Give back, exactly as written, the lines from the first line of the data below through the line with "import ezdxf", and omit the pictures.

(DATASET RECORDS Opens)

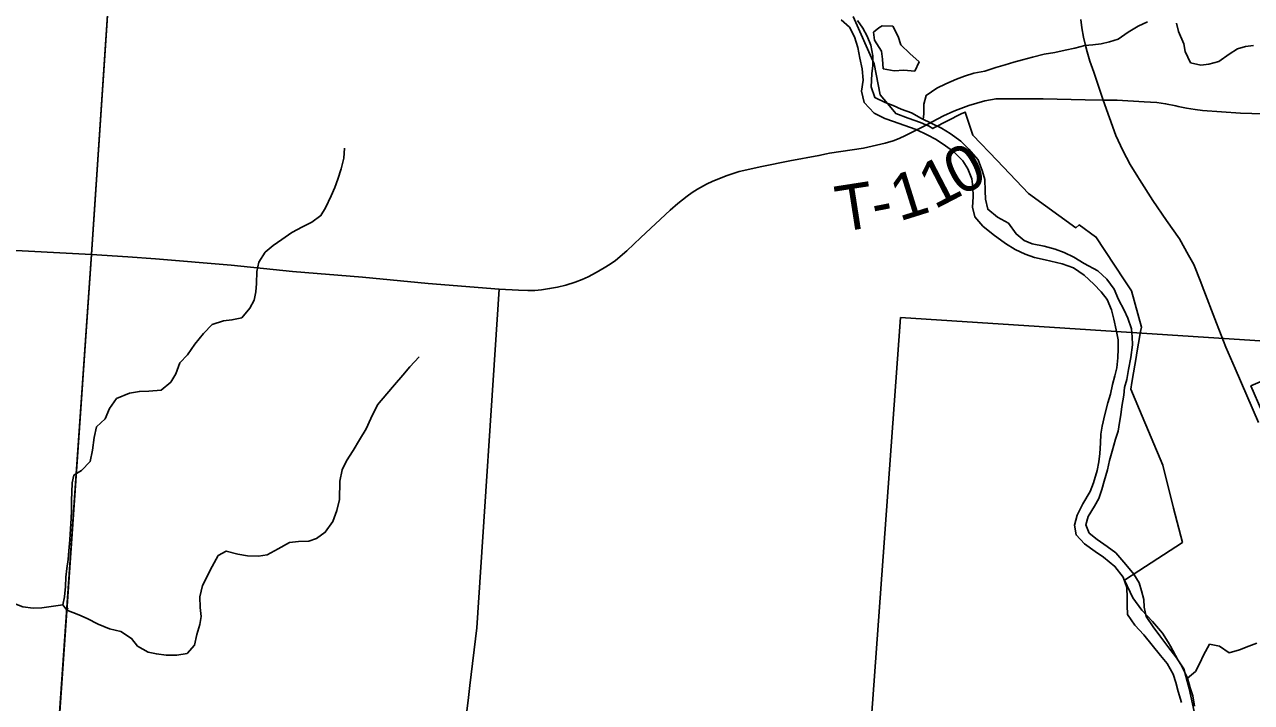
# Model space of a CAD drawing. Extents: x 0 to 34, y 0 to 22.
# Drawn here: x 2.165 to 3.682, y 16.793 to 17.632 of the extents above; entities that cross this region are included whole.
import ezdxf

# ---------------------------------------------------------------- set-up
doc = ezdxf.new("R2010")
doc.units = 0
for name, color, linetype in [('GM_X_City_Street', 7, 'Continuous'), ('GM_X_Corporation', 7, 'Continuous'), ('GM_X_County', 7, 'Continuous'), ('GM_X_Minor_Lake', 7, 'Continuous'), ('GM_X_Minor_River', 7, 'Continuous'), ('GM_X_State_Route', 7, 'Continuous'), ('GM_X_Township_Road', 7, 'Continuous'), ('GM_X_Township_Road_Text', 7, 'Continuous')]:
    doc.layers.add(name, color=color, linetype=linetype)

msp = doc.modelspace()

# ---------------------------------------------------------------- linework, layer by layer
at = {"layer": 'GM_X_City_Street'}
msp.add_line((2.1, 17.3554), (2.2478, 17.3472), dxfattribs=at)
at = {"layer": 'GM_X_Corporation'}
for points in [[(4.3071, 20.9), (2.1, 20.9), (2.1, 14.1), (3.0169, 14.1), (3.0406, 14.4484), (3.1026, 15.287), (3.1745, 16.2606), (2.934, 16.2765), (2.366, 16.3159), (2.2862, 16.3208), (2.1768, 16.323), (2.2478, 17.3472), (2.3155, 18.3567), (3.8153, 18.2543), (3.8503, 18.7566), (3.8611, 18.9124), (3.8924, 19.3621), (3.9019, 19.4987), (3.9133, 19.6628), (3.9816, 20.645), (3.9912, 20.7822), (4.2975, 20.7549)], [(3.2481, 17.2693), (3.7496, 17.2367), (3.6755, 16.2252), (3.1745, 16.2581)]]:
    msp.add_lwpolyline(points, close=True, dxfattribs=at)
for points in [[(2.1, 20.8993), (2.1, 16.3272), (2.1768, 16.3213), (2.1816, 16.3969), (2.2476, 17.3477), (2.2711, 17.6998), (2.2728, 17.718), (2.3153, 18.3572), (3.3358, 18.2876), (3.8151, 18.2549), (3.8501, 18.7572)], [(3.1023, 15.2875), (3.1743, 16.2612), (2.9338, 16.2771), (2.3658, 16.3164), (2.2859, 16.3213), (2.2263, 16.32), (2.2052, 16.32), (2.1768, 16.3213), (2.1816, 16.3969), (2.2476, 17.3477), (2.2711, 17.6998), (2.2728, 17.718), (2.3153, 18.3572), (3.3358, 18.2876), (3.8151, 18.2549), (3.8501, 18.7572)], [(3.8151, 18.2549), (3.3358, 18.2876), (2.3153, 18.3572), (2.2728, 17.718), (2.2711, 17.6998), (2.2476, 17.3477), (2.1816, 16.3969), (2.1768, 16.3213), (2.2052, 16.32), (2.2263, 16.32), (2.2859, 16.3213), (2.3658, 16.3164), (2.9338, 16.2771), (3.1743, 16.2612), (3.1023, 15.2875)], [(3.8151, 18.2549), (3.3358, 18.2876), (2.3153, 18.3572), (2.2728, 17.718), (2.2711, 17.6998), (2.2476, 17.3477), (2.1816, 16.3969), (2.1768, 16.3213), (2.2052, 16.32), (2.2263, 16.32), (2.2859, 16.3213), (2.3658, 16.3164), (2.9338, 16.2771), (3.1743, 16.2612), (3.1023, 15.2875)], [(6.5646, 18.0583), (6.0906, 18.0978), (6.0343, 18.1015), (5.9465, 18.1082), (5.8371, 18.1158), (5.5447, 18.1318), (4.9551, 18.1768), (4.7449, 18.1929), (4.5528, 18.2021), (4.3271, 18.2226), (4.1999, 18.2271), (3.8153, 18.2543), (2.3155, 18.3567), (2.2478, 17.3472), (2.1768, 16.323), (2.2862, 16.3208), (2.366, 16.3159), (2.934, 16.2765), (3.1745, 16.2606), (3.1026, 15.287), (3.0406, 14.4484), (3.0169, 14.1), (8.9, 14.1)], [(3.1895, 17.6418), (3.2155, 17.583), (3.2227, 17.5447), (3.2363, 17.5285), (3.2422, 17.5215), (3.2575, 17.5161), (3.2727, 17.5106), (3.2792, 17.5077), (3.2824, 17.5063), (3.2878, 17.5031), (3.2893, 17.5039), (3.323, 17.5212), (3.328, 17.5235), (3.3376, 17.4949), (3.3676, 17.4634), (3.4061, 17.4229), (3.4648, 17.3805), (3.469, 17.384), (3.4891, 17.3693), (3.4893, 17.3692), (3.4893, 17.3691), (3.5247, 17.316), (3.5337, 17.3025), (3.5459, 17.2576), (3.5449, 17.2522), (3.5399, 17.2232), (3.5398, 17.2225), (3.534, 17.1892), (3.5326, 17.1808), (3.5434, 17.1552), (3.5723, 17.0868), (3.5857, 17.0337), (3.5965, 16.9911), (3.5427, 16.9562), (3.525, 16.9448), (3.5352, 16.9228), (3.5462, 16.9074), (3.5594, 16.8935), (3.5718, 16.8791), (3.5788, 16.8679), (3.5819, 16.863), (3.591, 16.8463), (3.5981, 16.8351), (3.6049, 16.8109), (3.6112, 16.7822)], [(3.6949, 17.1536), (3.6813, 17.1848), (3.705, 17.1951)]]:
    msp.add_lwpolyline(points, dxfattribs=at)
at = {"layer": 'GM_X_County'}
msp.add_lwpolyline([(3.1023, 15.2875), (3.1743, 16.2612), (2.9338, 16.2771), (2.3658, 16.3164), (2.2859, 16.3213), (2.2263, 16.32), (2.2052, 16.32), (2.1768, 16.3213), (2.1816, 16.3969), (2.2476, 17.3477), (2.2711, 17.6998), (2.2728, 17.718), (2.3153, 18.3572), (3.3358, 18.2876), (3.8151, 18.2549)], dxfattribs=at)
at = {"layer": 'GM_X_Minor_Lake'}
for points in [[(3.2383, 17.6297), (3.2253, 17.6301), (3.221, 17.6276), (3.2144, 17.6221)], [(3.2144, 17.6221), (3.2157, 17.6122), (3.2246, 17.5988), (3.2256, 17.5889), (3.2266, 17.5771), (3.2402, 17.5743), (3.2523, 17.5753), (3.2655, 17.5739), (3.271, 17.5856), (3.2594, 17.596), (3.2482, 17.6064), (3.2453, 17.6167), (3.2383, 17.6297)]]:
    msp.add_lwpolyline(points, dxfattribs=at)
at = {"layer": 'GM_X_Minor_River'}
for points in [[(3.1748, 17.6374), (3.1849, 17.6286), (3.1912, 17.6163), (3.1952, 17.6034), (3.1976, 17.5901), (3.2005, 17.5771), (3.2018, 17.563), (3.1997, 17.5494), (3.2029, 17.5353), (3.2156, 17.5219), (3.2287, 17.5156), (3.2393, 17.5117), (3.2521, 17.5073), (3.2675, 17.5018), (3.2811, 17.4955), (3.2919, 17.4897), (3.3036, 17.4819), (3.3133, 17.4746), (3.3252, 17.463), (3.3312, 17.4534), (3.3363, 17.4408), (3.3373, 17.431), (3.3379, 17.4188), (3.3369, 17.4059), (3.3398, 17.3941), (3.3498, 17.3822), (3.3626, 17.3721), (3.3779, 17.3609), (3.3899, 17.3535), (3.4023, 17.3477), (3.4136, 17.3437), (3.4268, 17.3409), (3.4479, 17.336), (3.4619, 17.3309), (3.475, 17.3216), (3.4869, 17.3108), (3.4959, 17.3012), (3.5033, 17.2916), (3.5088, 17.279), (3.5117, 17.2676), (3.5145, 17.2543), (3.517, 17.2417), (3.5172, 17.2307), (3.5167, 17.2197), (3.5154, 17.2072), (3.513, 17.1973), (3.5102, 17.1867), (3.5077, 17.1746), (3.5045, 17.164), (3.5005, 17.1497), (3.4973, 17.1353), (3.4957, 17.1251), (3.4951, 17.1141), (3.4946, 17.1015), (3.4933, 17.0909), (3.4912, 17.0803), (3.4865, 17.0652), (3.4825, 17.0543), (3.4736, 17.0392), (3.4662, 17.0249), (3.463, 17.0128), (3.4651, 17.0006), (3.4756, 16.9895), (3.4887, 16.9802), (3.4988, 16.9732), (3.513, 16.9616), (3.5234, 16.9486), (3.5278, 16.9356), (3.5283, 16.9227), (3.5282, 16.9132), (3.5288, 16.9022), (3.5377, 16.8891), (3.5489, 16.8772), (3.5593, 16.8645), (3.5693, 16.8515), (3.5775, 16.8415), (3.5849, 16.8285), (3.5882, 16.8182), (3.5914, 16.8072), (3.5954, 16.7934)], [(3.4255, 17.3576), (3.4108, 17.3605), (3.4007, 17.3648), (3.3909, 17.3729), (3.3813, 17.3859), (3.3678, 17.3937), (3.3558, 17.4034), (3.353, 17.4159), (3.3527, 17.4262), (3.3522, 17.4399), (3.3493, 17.4501), (3.3438, 17.4646), (3.3326, 17.4777), (3.3226, 17.4873), (3.3095, 17.497), (3.2986, 17.5036), (3.2866, 17.5095), (3.2738, 17.5157), (3.2614, 17.5224), (3.2486, 17.5271), (3.2388, 17.5314), (3.229, 17.5353), (3.2162, 17.5416), (3.2119, 17.5546), (3.2125, 17.5709), (3.2138, 17.5811), (3.2136, 17.5929), (3.2115, 17.6062), (3.2067, 17.6173), (3.2016, 17.6272), (3.1949, 17.6368)], [(3.1949, 17.6368), (3.2016, 17.6272), (3.2067, 17.6173), (3.2115, 17.6062), (3.2136, 17.5929), (3.2138, 17.5811), (3.2125, 17.5709), (3.2119, 17.5546), (3.2162, 17.5416), (3.229, 17.5353), (3.2388, 17.5314), (3.2486, 17.5271), (3.2614, 17.5224), (3.2738, 17.5157), (3.2866, 17.5095), (3.2986, 17.5036), (3.3095, 17.497), (3.3226, 17.4873), (3.3326, 17.4777), (3.3438, 17.4646), (3.3493, 17.4501), (3.3522, 17.4399), (3.3527, 17.4262), (3.353, 17.4159), (3.3558, 17.4034), (3.3678, 17.3937), (3.3813, 17.3859), (3.3909, 17.3729), (3.4007, 17.3648), (3.4108, 17.3605), (3.4255, 17.3576)], [(3.2759, 17.5147), (3.2769, 17.521), (3.277, 17.5331), (3.2799, 17.5441), (3.2928, 17.553), (3.3039, 17.5582), (3.3172, 17.5641), (3.3271, 17.5678), (3.3385, 17.5714), (3.3522, 17.5742), (3.3659, 17.5786), (3.3773, 17.5819), (3.3883, 17.5851), (3.3989, 17.588), (3.4111, 17.5913), (3.4255, 17.5949), (3.4388, 17.5973), (3.4517, 17.6002), (3.4635, 17.6023), (3.476, 17.6056), (3.4859, 17.6066), (3.4961, 17.6079), (3.5063, 17.6101), (3.517, 17.6137), (3.5296, 17.6223), (3.5418, 17.6297), (3.5532, 17.6349)], [(3.5892, 17.6332), (3.5917, 17.6229), (3.5983, 17.608), (3.6, 17.5985), (3.6066, 17.5844), (3.6191, 17.5816), (3.6293, 17.5826), (3.6415, 17.5858), (3.6545, 17.5951), (3.6648, 17.6018), (3.6747, 17.6047), (3.6845, 17.6057)], [(2.2172, 16.9074), (2.2124, 16.9143), (2.2144, 16.9242), (2.2157, 16.9367), (2.2159, 16.9485), (2.2175, 16.9591), (2.2188, 16.9704), (2.2198, 16.981), (2.2211, 16.9947), (2.2217, 17.008), (2.2226, 17.0209), (2.2231, 17.0304), (2.2229, 17.0436), (2.2234, 17.0531), (2.224, 17.0649), (2.226, 17.0747), (2.2355, 17.0803), (2.2463, 17.0915), (2.2492, 17.1055), (2.2513, 17.1211), (2.2541, 17.1343), (2.2648, 17.144), (2.2699, 17.1569), (2.2788, 17.1693), (2.2948, 17.1759), (2.307, 17.178), (2.3187, 17.1782), (2.3338, 17.1795), (2.3457, 17.1896), (2.3519, 17.1998), (2.357, 17.2134), (2.3663, 17.2235), (2.3755, 17.2363), (2.3863, 17.2498), (2.3971, 17.2606), (2.4111, 17.2654), (2.4214, 17.2664), (2.4335, 17.2692), (2.4435, 17.2809), (2.449, 17.2907), (2.451, 17.3013), (2.4519, 17.3115), (2.4521, 17.3263), (2.4546, 17.338), (2.4627, 17.3501), (2.4723, 17.3583), (2.4833, 17.3657), (2.4956, 17.3747), (2.5085, 17.3817), (2.5204, 17.3872), (2.5314, 17.3954), (2.5369, 17.4052), (2.5443, 17.4199), (2.5486, 17.4301), (2.5525, 17.4403), (2.5565, 17.4532), (2.5597, 17.4664), (2.5606, 17.4789)], [(3.6116, 16.789), (3.6095, 16.8016), (3.6062, 16.8115), (3.6026, 16.8237), (3.596, 16.8382), (3.5897, 16.8482), (3.5786, 16.8628), (3.5685, 16.8758), (3.5604, 16.8869), (3.5519, 16.8996), (3.5494, 16.9114), (3.5488, 16.9209), (3.5459, 16.9315), (3.543, 16.9414), (3.5363, 16.9522), (3.5267, 16.9641), (3.5144, 16.9783), (3.5035, 16.9864), (3.4911, 16.9949), (3.4814, 17.003), (3.477, 17.0133), (3.4802, 17.0235), (3.488, 17.036), (3.493, 17.0458), (3.4969, 17.0567), (3.4997, 17.0669), (3.5037, 17.0813), (3.5065, 17.0927), (3.5097, 17.104), (3.5137, 17.1191), (3.5169, 17.1289), (3.5189, 17.1395), (3.5202, 17.149), (3.5215, 17.1593), (3.524, 17.1733), (3.5249, 17.1831), (3.5277, 17.193), (3.5297, 17.2051), (3.5326, 17.2198), (3.5347, 17.2358), (3.5345, 17.2456), (3.5335, 17.2555), (3.5291, 17.2685), (3.5247, 17.2784), (3.5177, 17.2918), (3.5122, 17.3044), (3.5029, 17.3167), (3.4921, 17.3271), (3.4752, 17.3364), (3.4624, 17.3442), (3.4504, 17.3497), (3.4391, 17.354), (3.4255, 17.3576)], [(2.2185, 16.9106), (2.2172, 16.9074), (2.2323, 16.9019), (2.2424, 16.8972), (2.2559, 16.8902), (2.2702, 16.8847), (2.2842, 16.8811), (2.2973, 16.8726), (2.3047, 16.863), (2.3179, 16.8556), (2.3281, 16.8535), (2.3402, 16.8518), (2.3534, 16.852), (2.3659, 16.8541), (2.3751, 16.8643), (2.378, 16.8775), (2.3816, 16.89), (2.3832, 16.8998), (2.3822, 16.9109), (2.3817, 16.9241), (2.3849, 16.9381), (2.397, 16.9615), (2.4044, 16.9751), (2.4143, 16.9806), (2.4286, 16.977), (2.4407, 16.9746), (2.4543, 16.9744), (2.4649, 16.9761), (2.4787, 16.9835), (2.4924, 16.9913), (2.5038, 16.9923), (2.5166, 16.9929), (2.5261, 16.9962), (2.5368, 17.004), (2.5461, 17.0171), (2.5512, 17.0307), (2.5544, 17.0444), (2.5548, 17.0671), (2.5576, 17.0811), (2.5631, 17.0924), (2.5712, 17.1052), (2.579, 17.118), (2.5875, 17.132), (2.593, 17.1444), (2.6012, 17.1614), (2.6131, 17.1749), (2.6223, 17.1861), (2.6327, 17.1981), (2.6412, 17.2083), (2.6527, 17.221)], [(2.1, 16.9415), (2.1053, 16.9416), (2.1197, 16.9419), (2.1303, 16.9392), (2.1393, 16.9297), (2.1487, 16.9171), (2.163, 16.9117), (2.1758, 16.9101), (2.1864, 16.9104), (2.2124, 16.9143)], [(3.6026, 16.8237), (3.6126, 16.8319), (3.618, 16.8421), (3.6227, 16.8519), (3.6301, 16.8655), (3.6422, 16.863), (3.6545, 16.8549), (3.6671, 16.8585), (3.6785, 16.8629), (3.6884, 16.8669)]]:
    msp.add_lwpolyline(points, dxfattribs=at)
at = {"layer": 'GM_X_State_Route'}
for points in [[(3.471, 17.6381), (3.4722, 17.6277), (3.4743, 17.616), (3.4762, 17.6075), (3.4786, 17.5979), (3.4822, 17.5862), (3.4869, 17.5726), (3.4984, 17.5383)], [(3.4984, 17.5383), (3.516, 17.5383), (3.5493, 17.5363), (3.5648, 17.5352), (3.5758, 17.5337), (3.5884, 17.5312), (3.5914, 17.5305)], [(3.4984, 17.5383), (3.5143, 17.4944), (3.5227, 17.4758), (3.532, 17.4585), (3.5415, 17.4435), (3.5436, 17.4401)], [(3.5914, 17.5305), (3.6016, 17.5283), (3.6122, 17.5266), (3.6214, 17.5254), (3.6685, 17.522), (3.7238, 17.5204), (3.7259, 17.5204)], [(3.5436, 17.4401), (3.5601, 17.4143), (3.5767, 17.3892), (3.5928, 17.3666), (3.604, 17.3467), (3.6105, 17.3351), (3.6193, 17.3131)], [(3.6193, 17.3131), (3.6211, 17.3085), (3.6386, 17.2625), (3.6504, 17.2327), (3.6616, 17.2065), (3.6906, 17.1398)]]:
    msp.add_lwpolyline(points, dxfattribs=at)
at = {"layer": 'GM_X_Township_Road'}
for points in [[(3.3138, 17.5244), (3.3193, 17.5267), (3.3324, 17.5315), (3.3524, 17.5374), (3.3661, 17.54), (3.3876, 17.54), (3.4245, 17.5398), (3.4761, 17.5386), (3.4984, 17.5383)], [(3.2871, 17.5115), (3.3011, 17.519), (3.3138, 17.5244)], [(3.1566, 17.4717), (3.1604, 17.4725), (3.2021, 17.479), (3.229, 17.4852), (3.2388, 17.488), (3.2462, 17.4908), (3.2541, 17.4944), (3.2757, 17.5053), (3.2871, 17.5115)], [(2.2478, 17.3472), (2.2929, 17.3444), (2.327, 17.3419), (2.4204, 17.334), (2.4962, 17.3265), (2.5829, 17.3192), (2.664, 17.3115), (2.7519, 17.3046), (2.7757, 17.3031), (2.7874, 17.3029), (2.7959, 17.303), (2.8041, 17.3037), (2.8142, 17.3052), (2.8238, 17.307), (2.8341, 17.3096), (2.8457, 17.3132), (2.8543, 17.3165), (2.8617, 17.3198), (2.8718, 17.325), (2.8818, 17.3307), (2.8892, 17.3354), (2.8958, 17.3401), (2.9098, 17.352), (2.9271, 17.3682), (2.9632, 17.4021), (2.9727, 17.4104), (2.9842, 17.4195), (2.9904, 17.4239), (2.997, 17.428), (3.008, 17.4342), (3.0158, 17.4379), (3.0232, 17.4411), (3.0326, 17.4446), (3.0487, 17.4501), (3.0766, 17.4562), (3.1112, 17.463), (3.1472, 17.4697), (3.1566, 17.4717)], [(2.709, 16.7591), (2.7138, 16.7998), (2.7155, 16.8145), (2.7241, 16.8859), (2.7519, 17.3046)]]:
    msp.add_lwpolyline(points, dxfattribs=at)

# ---------------------------------------------------------------- texts
at = {"layer": 'GM_X_Township_Road_Text'}
for s, rotation, p in [('0', 27.4851, (3.321, 17.4187)), ('1', 27.4364, (3.2899, 17.4026)), ('1', 17.4149, (3.2465, 17.388)), ('T', 8.8247, (3.1725, 17.3749)), ('-', 11.0156, (3.2169, 17.3818))]:
    msp.add_text(s, height=0.0568, rotation=rotation, dxfattribs=at).set_placement(p)

doc.saveas('drawing.dxf')

(DATASET RECORDS Closes)

§ OUTPUT FOR THIS EXERCISE:
# Model space of a CAD drawing. Extents: x 0 to 34, y 0 to 22.
# Drawn here: x 2.165 to 3.682, y 16.793 to 17.632 of the extents above; entities that cross this region are included whole.
import ezdxf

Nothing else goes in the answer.